Comparison of the compression and reconstruction results when the compression ratio varies from 0 to 0.25.

According to Fig. 2, despite the certain interval within which the MPCA algorithm or the PCA algorithm perform better than the PLTD algorithm, the PLTD algorithm obtains the best performance in most cases. Exceptions occur because the PCA algorithm only compresses the spectral information, and MPCA only compresses the spatial information, while PLTD compresses both the spatial and spectral information. Therefore, most of the time, the tensor-based PLTD algorithm performs better than the other methods.

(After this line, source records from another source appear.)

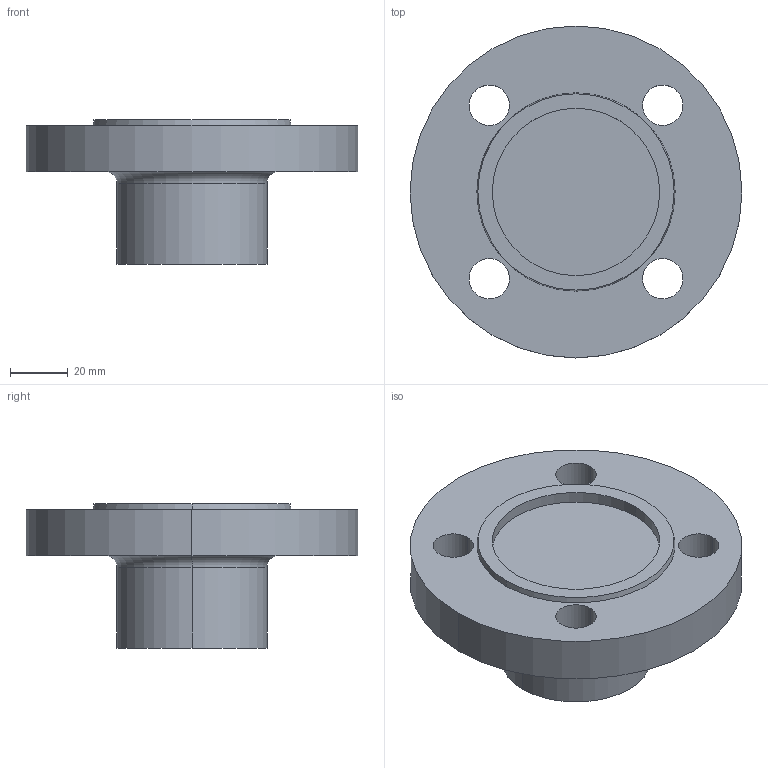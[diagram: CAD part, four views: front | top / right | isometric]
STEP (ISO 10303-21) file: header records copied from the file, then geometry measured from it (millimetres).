
FILE_DESCRIPTION (( 'STEP AP214' ), '1' );
FILE_NAME ('PN40 DN25 Type 21(i) - Type F Face.STEP', '2018-12-29T20:17:51', ( '' ), ( '' ), 'SwSTEP 2.0', 'SolidWorks 2019', '' );
FILE_SCHEMA (( 'AUTOMOTIVE_DESIGN' ));
Length unit declared in the file: millimetre
Products named in the file (1): PN40 DN25 Type 21(i) - Type F Face
Bounding box: 115 x 115 x 50 mm (x, y, z)
Volume: 221648 mm3; surface area: 34181.2 mm2
Topology: 1 solids, 1 shells, 23 faces, 52 edges, 34 vertices
Faces by surface type: cylinder 14, plane 5, torus 2, cone 2
Entity records: 716 total; most frequent: DIRECTION 136, CARTESIAN_POINT 110, ORIENTED_EDGE 104, AXIS2_PLACEMENT_3D 60, EDGE_CURVE 52, CIRCLE 36, VERTEX_POINT 34, EDGE_LOOP 34

To sum up the experiments, we implemented enough experiments on the hyperspectral scene 8 image to confirm that the proposed method outperforms all the other methods.

4 Conclusion

In this paper, a new compression method called patched-based low-rank tensor decomposition (PLTD) have been proposed. The new method employs tensor patch representation, nonlocal similarity, tensor dictionary learning together to solve the problem of effectively compressing HSIs. According to the paper, by clustering, a big data problem is decomposed into several small data problems which can be quickly solved by low-rank decomposition algorithm. Since the decomposed data discard both the spectral and spatial redundancy, and only retain the most discriminant information, the data after compression can better improve the efficiency and accuracy for the subsequent analysis. As far as we know, this is the first time that a patch-based tensor structure has been proposed for HSI compression. And it is confirmed in the experiments that the proposed method outperforms others and has a wide applicability in various fields.